Collected data entries:
_ _ _ _

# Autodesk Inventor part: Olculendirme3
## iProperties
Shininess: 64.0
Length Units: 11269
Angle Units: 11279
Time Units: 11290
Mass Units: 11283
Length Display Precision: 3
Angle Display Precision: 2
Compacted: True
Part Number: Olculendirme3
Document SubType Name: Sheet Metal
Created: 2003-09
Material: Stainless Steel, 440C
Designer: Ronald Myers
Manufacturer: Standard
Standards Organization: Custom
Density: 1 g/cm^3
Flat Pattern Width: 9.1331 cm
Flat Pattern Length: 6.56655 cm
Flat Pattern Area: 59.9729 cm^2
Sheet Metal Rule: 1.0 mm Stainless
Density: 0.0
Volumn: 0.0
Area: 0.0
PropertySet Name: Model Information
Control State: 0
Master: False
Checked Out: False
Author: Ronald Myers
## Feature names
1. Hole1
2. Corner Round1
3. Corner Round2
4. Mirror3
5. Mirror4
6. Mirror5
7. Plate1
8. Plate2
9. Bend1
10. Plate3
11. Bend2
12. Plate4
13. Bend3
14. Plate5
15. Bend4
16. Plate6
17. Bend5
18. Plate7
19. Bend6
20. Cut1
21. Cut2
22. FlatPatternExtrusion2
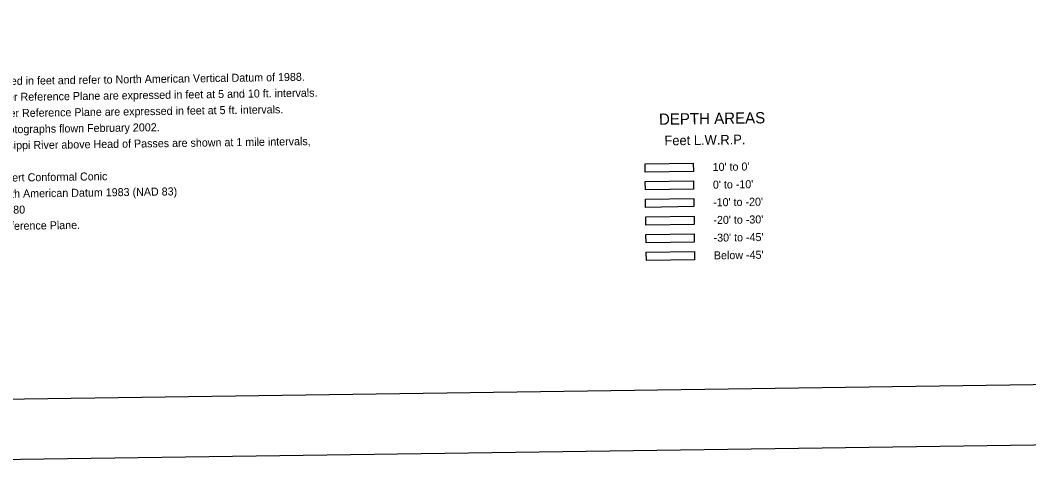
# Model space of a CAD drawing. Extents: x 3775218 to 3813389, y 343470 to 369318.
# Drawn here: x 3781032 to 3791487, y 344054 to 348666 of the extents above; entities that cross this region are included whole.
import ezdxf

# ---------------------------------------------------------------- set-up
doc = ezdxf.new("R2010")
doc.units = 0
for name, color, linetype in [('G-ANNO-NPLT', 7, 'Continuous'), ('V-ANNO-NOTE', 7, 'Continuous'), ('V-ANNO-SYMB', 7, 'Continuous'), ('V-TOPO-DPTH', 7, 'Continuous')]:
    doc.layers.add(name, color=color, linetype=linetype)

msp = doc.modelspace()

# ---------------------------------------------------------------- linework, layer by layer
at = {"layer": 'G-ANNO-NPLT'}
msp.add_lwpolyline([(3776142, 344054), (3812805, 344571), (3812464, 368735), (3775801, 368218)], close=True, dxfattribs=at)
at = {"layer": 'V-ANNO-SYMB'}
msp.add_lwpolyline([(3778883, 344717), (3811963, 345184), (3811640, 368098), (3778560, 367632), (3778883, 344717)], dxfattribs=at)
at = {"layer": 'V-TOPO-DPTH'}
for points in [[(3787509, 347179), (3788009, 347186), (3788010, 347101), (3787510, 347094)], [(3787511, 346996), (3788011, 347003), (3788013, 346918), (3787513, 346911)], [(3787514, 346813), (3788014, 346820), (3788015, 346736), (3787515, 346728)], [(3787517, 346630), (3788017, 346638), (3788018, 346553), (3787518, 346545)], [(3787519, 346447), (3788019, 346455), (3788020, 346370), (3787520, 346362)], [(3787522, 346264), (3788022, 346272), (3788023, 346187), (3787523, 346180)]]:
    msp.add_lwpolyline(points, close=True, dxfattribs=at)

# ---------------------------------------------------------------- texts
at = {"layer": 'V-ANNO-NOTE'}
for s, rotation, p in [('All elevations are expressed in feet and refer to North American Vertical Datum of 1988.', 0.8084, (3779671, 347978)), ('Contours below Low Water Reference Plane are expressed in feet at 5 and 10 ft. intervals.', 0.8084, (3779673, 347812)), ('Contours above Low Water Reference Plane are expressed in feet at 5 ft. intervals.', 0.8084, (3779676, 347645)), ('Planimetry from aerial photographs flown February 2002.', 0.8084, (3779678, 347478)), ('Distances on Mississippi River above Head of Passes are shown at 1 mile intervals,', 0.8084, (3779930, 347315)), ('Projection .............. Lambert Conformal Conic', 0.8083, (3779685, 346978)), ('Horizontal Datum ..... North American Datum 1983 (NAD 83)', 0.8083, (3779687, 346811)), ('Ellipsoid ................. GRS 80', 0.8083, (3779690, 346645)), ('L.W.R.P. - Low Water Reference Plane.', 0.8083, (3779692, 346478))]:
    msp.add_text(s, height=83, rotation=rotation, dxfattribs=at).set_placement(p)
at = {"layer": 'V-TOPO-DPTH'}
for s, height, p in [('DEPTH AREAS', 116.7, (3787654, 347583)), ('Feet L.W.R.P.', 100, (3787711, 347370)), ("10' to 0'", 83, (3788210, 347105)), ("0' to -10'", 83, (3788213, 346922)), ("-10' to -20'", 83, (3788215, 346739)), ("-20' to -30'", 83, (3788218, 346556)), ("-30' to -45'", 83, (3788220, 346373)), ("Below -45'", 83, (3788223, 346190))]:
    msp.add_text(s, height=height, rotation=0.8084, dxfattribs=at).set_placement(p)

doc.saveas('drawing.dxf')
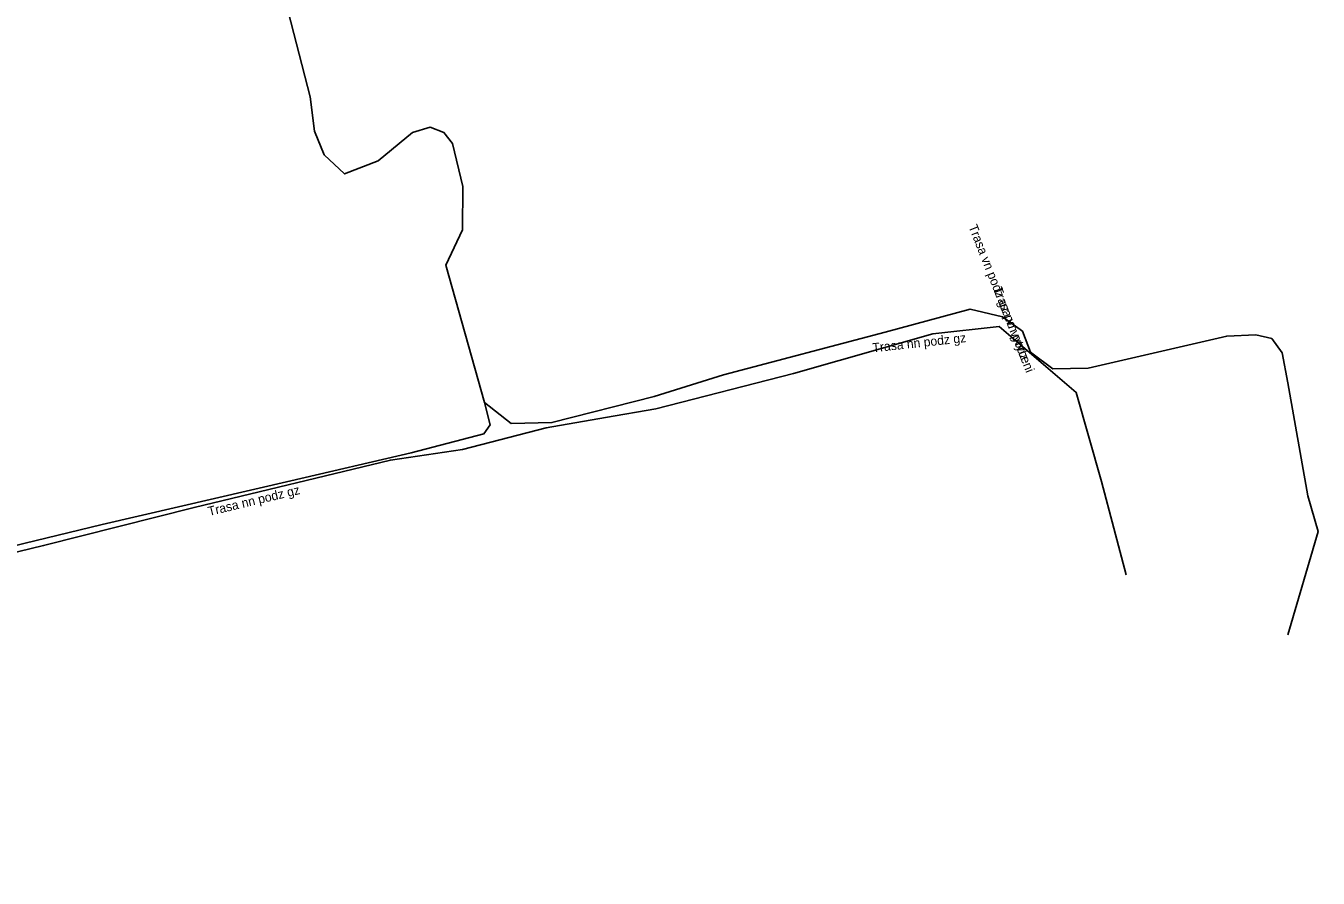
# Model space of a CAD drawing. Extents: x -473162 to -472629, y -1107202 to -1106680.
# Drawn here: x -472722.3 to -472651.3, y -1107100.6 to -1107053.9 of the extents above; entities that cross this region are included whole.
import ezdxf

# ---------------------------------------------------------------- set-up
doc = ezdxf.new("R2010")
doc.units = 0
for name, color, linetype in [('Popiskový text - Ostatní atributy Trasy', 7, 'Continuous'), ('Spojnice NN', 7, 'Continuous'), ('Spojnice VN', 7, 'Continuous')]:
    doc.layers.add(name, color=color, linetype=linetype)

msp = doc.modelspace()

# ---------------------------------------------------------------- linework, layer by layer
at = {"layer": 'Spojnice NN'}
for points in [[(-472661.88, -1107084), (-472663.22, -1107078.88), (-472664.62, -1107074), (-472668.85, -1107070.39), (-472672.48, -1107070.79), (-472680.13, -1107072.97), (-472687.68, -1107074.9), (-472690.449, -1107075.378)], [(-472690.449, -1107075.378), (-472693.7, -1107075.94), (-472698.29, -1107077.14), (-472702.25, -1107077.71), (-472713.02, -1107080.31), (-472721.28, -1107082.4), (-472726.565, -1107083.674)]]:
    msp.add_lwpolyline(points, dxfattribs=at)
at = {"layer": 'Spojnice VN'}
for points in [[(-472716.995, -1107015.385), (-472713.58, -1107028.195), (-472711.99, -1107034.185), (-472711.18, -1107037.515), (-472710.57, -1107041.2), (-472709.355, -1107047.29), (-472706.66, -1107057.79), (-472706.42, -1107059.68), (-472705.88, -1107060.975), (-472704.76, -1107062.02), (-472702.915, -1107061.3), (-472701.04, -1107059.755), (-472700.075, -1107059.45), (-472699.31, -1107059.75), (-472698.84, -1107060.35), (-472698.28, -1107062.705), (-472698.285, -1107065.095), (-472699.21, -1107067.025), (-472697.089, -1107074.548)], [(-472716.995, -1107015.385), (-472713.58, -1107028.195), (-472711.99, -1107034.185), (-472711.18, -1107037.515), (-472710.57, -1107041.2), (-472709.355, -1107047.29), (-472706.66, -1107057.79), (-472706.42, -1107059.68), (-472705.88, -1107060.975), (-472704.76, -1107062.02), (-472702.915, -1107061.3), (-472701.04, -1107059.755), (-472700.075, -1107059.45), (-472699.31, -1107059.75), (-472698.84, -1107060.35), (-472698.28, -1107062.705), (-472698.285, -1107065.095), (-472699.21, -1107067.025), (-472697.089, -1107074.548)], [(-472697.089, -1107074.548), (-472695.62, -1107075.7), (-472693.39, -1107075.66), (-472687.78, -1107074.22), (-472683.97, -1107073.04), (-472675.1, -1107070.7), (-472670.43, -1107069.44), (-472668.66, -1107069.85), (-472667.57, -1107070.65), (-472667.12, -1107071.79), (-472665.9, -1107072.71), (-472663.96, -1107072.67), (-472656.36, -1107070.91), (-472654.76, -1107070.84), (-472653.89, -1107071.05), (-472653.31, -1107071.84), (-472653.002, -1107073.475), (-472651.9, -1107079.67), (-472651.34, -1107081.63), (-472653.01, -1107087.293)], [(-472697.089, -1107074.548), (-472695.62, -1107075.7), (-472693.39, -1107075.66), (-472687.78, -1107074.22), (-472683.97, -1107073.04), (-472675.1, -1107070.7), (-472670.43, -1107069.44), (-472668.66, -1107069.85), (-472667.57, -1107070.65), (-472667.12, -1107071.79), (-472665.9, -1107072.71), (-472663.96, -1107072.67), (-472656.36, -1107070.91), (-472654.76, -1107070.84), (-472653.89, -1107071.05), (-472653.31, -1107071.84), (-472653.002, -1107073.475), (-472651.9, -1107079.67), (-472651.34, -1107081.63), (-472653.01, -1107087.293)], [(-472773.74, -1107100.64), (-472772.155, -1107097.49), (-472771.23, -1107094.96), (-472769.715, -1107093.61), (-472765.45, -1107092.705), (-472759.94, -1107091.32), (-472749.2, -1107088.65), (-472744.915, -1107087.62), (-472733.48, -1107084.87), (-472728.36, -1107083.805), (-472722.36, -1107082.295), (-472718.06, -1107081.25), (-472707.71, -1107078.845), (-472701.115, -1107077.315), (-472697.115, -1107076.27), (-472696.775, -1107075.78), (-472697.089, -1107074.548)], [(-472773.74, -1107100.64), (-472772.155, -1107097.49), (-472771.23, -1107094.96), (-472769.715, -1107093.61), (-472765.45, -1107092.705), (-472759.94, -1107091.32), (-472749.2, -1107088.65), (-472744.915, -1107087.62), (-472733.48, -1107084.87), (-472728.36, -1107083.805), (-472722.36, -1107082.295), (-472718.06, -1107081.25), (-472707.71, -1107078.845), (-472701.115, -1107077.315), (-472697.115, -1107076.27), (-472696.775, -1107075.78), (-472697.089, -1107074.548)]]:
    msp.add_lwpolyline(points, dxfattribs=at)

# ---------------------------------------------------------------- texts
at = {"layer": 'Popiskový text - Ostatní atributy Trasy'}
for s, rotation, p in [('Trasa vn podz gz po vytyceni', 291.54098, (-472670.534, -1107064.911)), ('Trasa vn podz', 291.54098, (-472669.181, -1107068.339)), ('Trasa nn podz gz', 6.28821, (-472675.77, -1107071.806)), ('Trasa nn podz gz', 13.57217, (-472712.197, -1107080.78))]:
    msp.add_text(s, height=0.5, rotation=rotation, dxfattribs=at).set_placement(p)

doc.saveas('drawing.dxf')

_ _ _ _

◆ Aim of the exercise ◆
Every line from the first entry to the line containing "Part Number: Olculendirme3" should be transcribed exactly, and nothing beyond it.

◆ Answer below ◆
# Autodesk Inventor part: Olculendirme3
## iProperties
Shininess: 64.0
Length Units: 11269
Angle Units: 11279
Time Units: 11290
Mass Units: 11283
Length Display Precision: 3
Angle Display Precision: 2
Compacted: True
Part Number: Olculendirme3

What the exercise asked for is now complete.